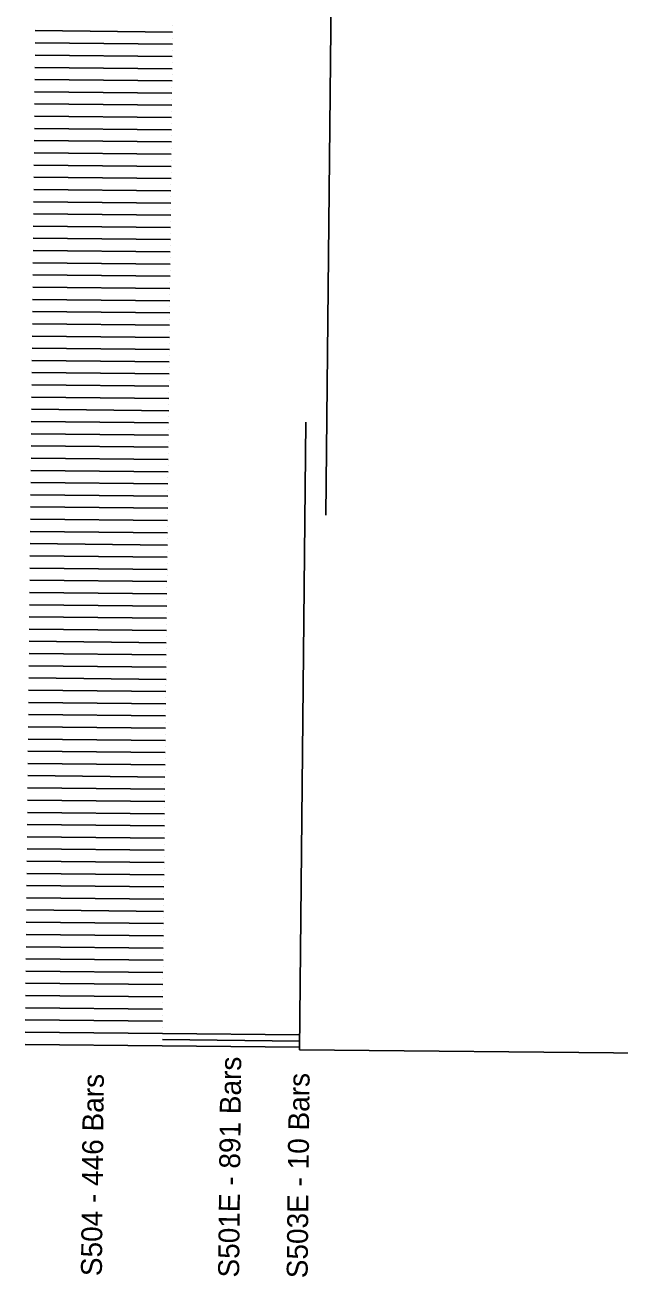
# Model space of a CAD drawing. Extents: x 632547 to 633311, y 380830 to 386139.
# Drawn here: x 633069.2 to 633126, y 380878.9 to 380998.5 of the extents above; entities that cross this region are included whole.
import ezdxf

# ---------------------------------------------------------------- set-up
doc = ezdxf.new("R2010")
doc.units = 0
for name, color, linetype in [('B_Border', 7, 'Continuous'), ('R_Border_Scale', 7, 'Continuous'), ('R_Wall', 7, 'Continuous')]:
    doc.layers.add(name, color=color, linetype=linetype)

msp = doc.modelspace()

# ---------------------------------------------------------------- linework, layer by layer
at = {"layer": 'B_Border'}
msp.add_line((633212.42, 380899.42), (633095.37, 380900.6), dxfattribs=at)
at = {"layer": 'R_Border_Scale'}
for p, q in [((633098.49, 381011.68), (633097.89, 380951.69)), ((633083.24, 380997.87), (633070.13, 380998.01)), ((633083.24, 380997.87), (633083.24, 380997.87)), ((633083.25, 380998.46), (633083.25, 380998.46)), ((633083.23, 380996.71), (633070.12, 380996.84)), ((633083.23, 380996.71), (633083.23, 380996.71)), ((633083.24, 380997.29), (633083.24, 380997.29)), ((633083.22, 380995.54), (633070.11, 380995.67)), ((633083.22, 380996.12), (633083.22, 380996.12)), ((633083.22, 380995.54), (633083.22, 380995.54)), ((633083.21, 380994.37), (633070.1, 380994.5)), ((633083.21, 380994.95), (633083.21, 380994.95)), ((633083.21, 380994.37), (633083.21, 380994.37)), ((633083.2, 380993.2), (633070.08, 380993.34)), ((633083.2, 380993.79), (633083.2, 380993.79)), ((633083.2, 380993.2), (633083.2, 380993.2)), ((633083.18, 380992.04), (633070.07, 380992.17)), ((633083.18, 380992.04), (633083.18, 380992.04)), ((633083.19, 380992.62), (633083.19, 380992.62)), ((633083.17, 380990.87), (633070.06, 380991)), ((633083.17, 380990.87), (633083.17, 380990.87)), ((633083.18, 380991.45), (633083.18, 380991.45)), ((633083.16, 380989.7), (633070.05, 380989.83)), ((633083.16, 380989.7), (633083.16, 380989.7)), ((633083.17, 380990.28), (633083.17, 380990.28)), ((633083.15, 380988.53), (633070.04, 380988.67)), ((633083.15, 380989.12), (633083.15, 380989.12)), ((633083.15, 380988.53), (633083.15, 380988.53)), ((633083.14, 380987.37), (633070.02, 380987.5)), ((633083.14, 380987.95), (633083.14, 380987.95)), ((633083.14, 380987.37), (633083.14, 380987.37)), ((633083.12, 380986.2), (633070.01, 380986.33)), ((633083.12, 380986.2), (633083.12, 380986.2)), ((633083.13, 380986.78), (633083.13, 380986.78)), ((633083.11, 380985.03), (633070, 380985.16)), ((633083.11, 380985.03), (633083.11, 380985.03)), ((633083.11, 380984.45), (633083.11, 380984.45)), ((633083.12, 380985.62), (633083.12, 380985.62)), ((633083.1, 380983.86), (633069.99, 380984)), ((633083.09, 380983.28), (633083.09, 380983.28)), ((633083.1, 380983.86), (633083.1, 380983.86)), ((633083.09, 380982.7), (633069.98, 380982.83)), ((633083.08, 380982.11), (633083.08, 380982.11)), ((633083.09, 380982.7), (633083.09, 380982.7)), ((633083.08, 380981.53), (633069.97, 380981.66)), ((633083.07, 380980.95), (633083.07, 380980.95)), ((633083.08, 380981.53), (633083.08, 380981.53)), ((633083.07, 380980.36), (633069.95, 380980.49)), ((633083.06, 380979.78), (633083.06, 380979.78)), ((633083.07, 380980.36), (633083.07, 380980.36)), ((633083.05, 380979.19), (633069.94, 380979.33)), ((633083.05, 380979.19), (633083.05, 380979.19)), ((633083.05, 380978.61), (633083.05, 380978.61)), ((633083.04, 380978.03), (633069.93, 380978.16)), ((633083.04, 380978.03), (633083.04, 380978.03)), ((633083.04, 380977.44), (633083.04, 380977.44)), ((633083.03, 380976.86), (633069.92, 380976.99)), ((633083.02, 380976.28), (633083.02, 380976.28)), ((633083.03, 380976.86), (633083.03, 380976.86)), ((633083.02, 380975.69), (633069.91, 380975.83)), ((633083.01, 380975.11), (633083.01, 380975.11)), ((633083.02, 380975.69), (633083.02, 380975.69)), ((633083.01, 380974.53), (633069.89, 380974.66)), ((633083, 380973.94), (633083, 380973.94)), ((633083.01, 380974.53), (633083.01, 380974.53)), ((633082.99, 380973.36), (633069.88, 380973.49)), ((633082.99, 380973.36), (633082.99, 380973.36)), ((633082.99, 380972.77), (633082.99, 380972.77)), ((633082.98, 380972.19), (633069.87, 380972.32)), ((633082.98, 380972.19), (633082.98, 380972.19)), ((633082.98, 380971.61), (633082.98, 380971.61)), ((633082.97, 380971.02), (633069.86, 380971.16)), ((633082.96, 380970.44), (633082.96, 380970.44)), ((633082.97, 380971.02), (633082.97, 380971.02)), ((633082.96, 380969.86), (633069.85, 380969.99)), ((633082.95, 380969.27), (633082.95, 380969.27)), ((633082.96, 380969.86), (633082.96, 380969.86)), ((633082.95, 380968.69), (633069.84, 380968.82)), ((633082.94, 380968.1), (633082.94, 380968.1)), ((633082.95, 380968.69), (633082.95, 380968.69)), ((633082.94, 380967.52), (633069.82, 380967.65)), ((633082.93, 380966.94), (633082.93, 380966.94)), ((633082.94, 380967.52), (633082.94, 380967.52)), ((633082.91, 380965.19), (633069.8, 380965.32)), ((633082.92, 380966.35), (633069.81, 380966.49)), ((633082.92, 380966.35), (633082.92, 380966.35)), ((633082.92, 380965.77), (633082.92, 380965.77)), ((633082.9, 380964.02), (633069.79, 380964.15)), ((633082.91, 380965.19), (633082.91, 380965.19)), ((633082.91, 380964.6), (633082.91, 380964.6)), ((633082.89, 380962.85), (633069.78, 380962.98)), ((633082.89, 380963.44), (633082.89, 380963.44)), ((633082.9, 380964.02), (633082.9, 380964.02)), ((633082.88, 380961.68), (633069.77, 380961.82)), ((633082.88, 380962.27), (633082.88, 380962.27)), ((633082.89, 380962.85), (633082.89, 380962.85)), ((633082.86, 380960.52), (633069.75, 380960.65)), ((633082.86, 380960.52), (633082.86, 380960.52)), ((633082.87, 380961.1), (633082.87, 380961.1)), ((633082.88, 380961.68), (633082.88, 380961.68)), ((633095.98, 380960.6), (633095.37, 380900.6)), ((633082.85, 380959.35), (633069.74, 380959.48)), ((633082.85, 380959.35), (633082.85, 380959.35)), ((633082.86, 380959.93), (633082.86, 380959.93)), ((633082.84, 380958.18), (633069.73, 380958.32)), ((633082.84, 380958.18), (633082.84, 380958.18)), ((633082.85, 380958.77), (633082.85, 380958.77)), ((633082.83, 380957.02), (633069.72, 380957.15)), ((633082.83, 380957.6), (633082.83, 380957.6)), ((633082.83, 380957.02), (633082.83, 380957.02)), ((633082.82, 380955.85), (633069.71, 380955.98)), ((633082.82, 380956.43), (633082.82, 380956.43)), ((633082.82, 380955.85), (633082.82, 380955.85)), ((633082.81, 380954.68), (633069.69, 380954.81)), ((633082.81, 380955.26), (633082.81, 380955.26)), ((633082.81, 380954.68), (633082.81, 380954.68)), ((633082.79, 380953.51), (633069.68, 380953.65)), ((633082.79, 380953.51), (633082.79, 380953.51)), ((633082.8, 380954.1), (633082.8, 380954.1)), ((633082.78, 380952.35), (633069.67, 380952.48)), ((633082.78, 380952.35), (633082.78, 380952.35)), ((633082.79, 380952.93), (633082.79, 380952.93)), ((633082.77, 380951.18), (633069.66, 380951.31)), ((633082.77, 380951.18), (633082.77, 380951.18)), ((633082.78, 380951.76), (633082.78, 380951.76)), ((633082.76, 380950.01), (633069.65, 380950.14)), ((633082.76, 380950.59), (633082.76, 380950.59)), ((633082.76, 380950.01), (633082.76, 380950.01)), ((633082.75, 380948.84), (633069.64, 380948.98)), ((633082.75, 380949.43), (633082.75, 380949.43)), ((633082.75, 380948.84), (633082.75, 380948.84)), ((633082.73, 380947.68), (633069.62, 380947.81)), ((633082.73, 380947.68), (633082.73, 380947.68)), ((633082.74, 380948.26), (633082.74, 380948.26)), ((633082.72, 380946.51), (633069.61, 380946.64)), ((633082.72, 380946.51), (633082.72, 380946.51)), ((633082.73, 380947.09), (633082.73, 380947.09)), ((633082.71, 380945.34), (633069.6, 380945.47)), ((633082.71, 380945.34), (633082.71, 380945.34)), ((633082.72, 380945.93), (633082.72, 380945.93)), ((633082.7, 380944.17), (633069.59, 380944.31)), ((633082.7, 380944.76), (633082.7, 380944.76)), ((633082.7, 380944.17), (633082.7, 380944.17)), ((633082.69, 380943.01), (633069.58, 380943.14)), ((633082.69, 380943.59), (633082.69, 380943.59)), ((633082.69, 380943.01), (633082.69, 380943.01)), ((633082.68, 380941.84), (633069.56, 380941.97)), ((633082.68, 380942.42), (633082.68, 380942.42)), ((633082.68, 380941.84), (633082.68, 380941.84)), ((633082.66, 380940.67), (633069.55, 380940.8)), ((633082.66, 380940.67), (633082.66, 380940.67)), ((633082.67, 380941.26), (633082.67, 380941.26)), ((633082.65, 380939.5), (633069.54, 380939.64)), ((633082.65, 380939.5), (633082.65, 380939.5)), ((633082.66, 380940.09), (633082.66, 380940.09)), ((633082.64, 380938.34), (633069.53, 380938.47)), ((633082.64, 380938.34), (633082.64, 380938.34)), ((633082.65, 380938.92), (633082.65, 380938.92)), ((633082.63, 380937.17), (633069.52, 380937.3)), ((633082.62, 380936.59), (633082.62, 380936.59)), ((633082.63, 380937.75), (633082.63, 380937.75)), ((633082.63, 380937.17), (633082.63, 380937.17)), ((633082.62, 380936), (633069.51, 380936.14)), ((633082.61, 380935.42), (633082.61, 380935.42)), ((633082.62, 380936), (633082.62, 380936)), ((633082.6, 380934.84), (633069.49, 380934.97)), ((633082.6, 380934.84), (633082.6, 380934.84)), ((633082.6, 380934.25), (633082.6, 380934.25)), ((633082.59, 380933.67), (633069.48, 380933.8)), ((633082.59, 380933.67), (633082.59, 380933.67)), ((633082.59, 380933.08), (633082.59, 380933.08)), ((633082.58, 380932.5), (633069.47, 380932.63)), ((633082.58, 380932.5), (633082.58, 380932.5)), ((633082.58, 380931.92), (633082.58, 380931.92)), ((633082.57, 380931.33), (633069.46, 380931.47)), ((633082.56, 380930.75), (633082.56, 380930.75)), ((633082.57, 380931.33), (633082.57, 380931.33)), ((633082.56, 380930.17), (633069.45, 380930.3)), ((633082.55, 380929.58), (633082.55, 380929.58)), ((633082.56, 380930.17), (633082.56, 380930.17)), ((633082.55, 380929), (633069.43, 380929.13)), ((633082.54, 380928.41), (633082.54, 380928.41)), ((633082.55, 380929), (633082.55, 380929)), ((633082.53, 380927.83), (633069.42, 380927.96)), ((633082.53, 380927.83), (633082.53, 380927.83)), ((633082.53, 380927.25), (633082.53, 380927.25)), ((633082.52, 380926.66), (633069.41, 380926.8)), ((633082.52, 380926.66), (633082.52, 380926.66)), ((633082.52, 380926.08), (633082.52, 380926.08)), ((633082.51, 380925.5), (633069.4, 380925.63)), ((633082.5, 380924.91), (633082.5, 380924.91)), ((633082.51, 380925.5), (633082.51, 380925.5)), ((633082.5, 380924.33), (633069.39, 380924.46)), ((633082.49, 380923.75), (633082.49, 380923.75)), ((633082.5, 380924.33), (633082.5, 380924.33)), ((633082.49, 380923.16), (633069.38, 380923.29)), ((633082.48, 380922.58), (633082.48, 380922.58)), ((633082.49, 380923.16), (633082.49, 380923.16)), ((633082.47, 380921.99), (633069.36, 380922.13)), ((633082.47, 380921.99), (633082.47, 380921.99)), ((633082.47, 380921.41), (633082.47, 380921.41)), ((633082.46, 380920.83), (633069.35, 380920.96)), ((633082.46, 380920.83), (633082.46, 380920.83)), ((633082.46, 380920.24), (633082.46, 380920.24)), ((633082.45, 380919.66), (633069.34, 380919.79)), ((633082.45, 380919.66), (633082.45, 380919.66)), ((633082.45, 380919.08), (633082.45, 380919.08)), ((633082.43, 380917.33), (633069.32, 380917.46)), ((633082.44, 380918.49), (633069.33, 380918.63)), ((633082.43, 380917.91), (633082.43, 380917.91)), ((633082.44, 380918.49), (633082.44, 380918.49)), ((633082.42, 380916.16), (633069.3, 380916.29)), ((633082.42, 380916.74), (633082.42, 380916.74)), ((633082.43, 380917.33), (633082.43, 380917.33)), ((633082.4, 380914.99), (633069.29, 380915.12)), ((633082.41, 380915.57), (633082.41, 380915.57)), ((633082.42, 380916.16), (633082.42, 380916.16)), ((633082.39, 380913.82), (633069.28, 380913.96)), ((633082.4, 380914.99), (633082.4, 380914.99)), ((633082.4, 380914.41), (633082.4, 380914.41)), ((633082.38, 380912.66), (633069.27, 380912.79)), ((633082.38, 380912.66), (633082.38, 380912.66)), ((633082.39, 380913.82), (633082.39, 380913.82)), ((633082.39, 380913.24), (633082.39, 380913.24)), ((633082.37, 380911.49), (633069.26, 380911.62)), ((633082.37, 380912.07), (633082.37, 380912.07)), ((633082.37, 380911.49), (633082.37, 380911.49)), ((633082.36, 380910.32), (633069.25, 380910.45)), ((633082.36, 380910.9), (633082.36, 380910.9)), ((633082.36, 380910.32), (633082.36, 380910.32)), ((633082.34, 380909.15), (633069.23, 380909.29)), ((633082.34, 380909.15), (633082.34, 380909.15)), ((633082.35, 380909.74), (633082.35, 380909.74)), ((633082.33, 380907.99), (633069.22, 380908.12)), ((633082.33, 380907.99), (633082.33, 380907.99)), ((633082.34, 380908.57), (633082.34, 380908.57)), ((633082.32, 380906.82), (633069.21, 380906.95)), ((633082.32, 380906.82), (633082.32, 380906.82)), ((633082.33, 380907.4), (633082.33, 380907.4)), ((633082.31, 380905.65), (633069.2, 380905.78)), ((633082.31, 380905.65), (633082.31, 380905.65)), ((633082.32, 380906.24), (633082.32, 380906.24)), ((633082.3, 380904.48), (633069.19, 380904.62)), ((633082.3, 380905.07), (633082.3, 380905.07)), ((633082.3, 380904.48), (633082.3, 380904.48)), ((633082.29, 380903.32), (633069.17, 380903.45)), ((633082.29, 380903.9), (633082.29, 380903.9)), ((633082.29, 380903.32), (633082.29, 380903.32)), ((633082.27, 380902.15), (633069.16, 380902.28)), ((633095.39, 380902.02), (633082.27, 380902.15)), ((633082.27, 380902.15), (633082.27, 380902.15)), ((633082.28, 380902.73), (633082.28, 380902.73)), ((633082.26, 380900.98), (633069.15, 380901.11)), ((633095.37, 380900.85), (633082.26, 380900.98)), ((633082.26, 380900.98), (633082.26, 380900.98)), ((633095.38, 380901.43), (633082.27, 380901.57)), ((633082.27, 380901.57), (633082.27, 380901.57))]:
    msp.add_line(p, q, dxfattribs=at)

# ---------------------------------------------------------------- texts
at = {"layer": 'R_Wall'}
for s, p in [('S501E - 891 Bars', (633089.6, 380878.82)), ('S504 - 446 Bars', (633076.49, 380878.95)), ('S503E - 10 Bars', (633096.15, 380878.75))]:
    msp.add_text(s, height=2, rotation=89.4304, dxfattribs=at).set_placement(p)

doc.saveas('drawing.dxf')
· · · ·
TASK ITEM –
Look through the entries and copy every line in which the string "drawing" appears.

RESPONSE TO THE TASK –
# Model space of a CAD drawing. Extents: x 632547 to 633311, y 380830 to 386139.
doc.saveas('drawing.dxf')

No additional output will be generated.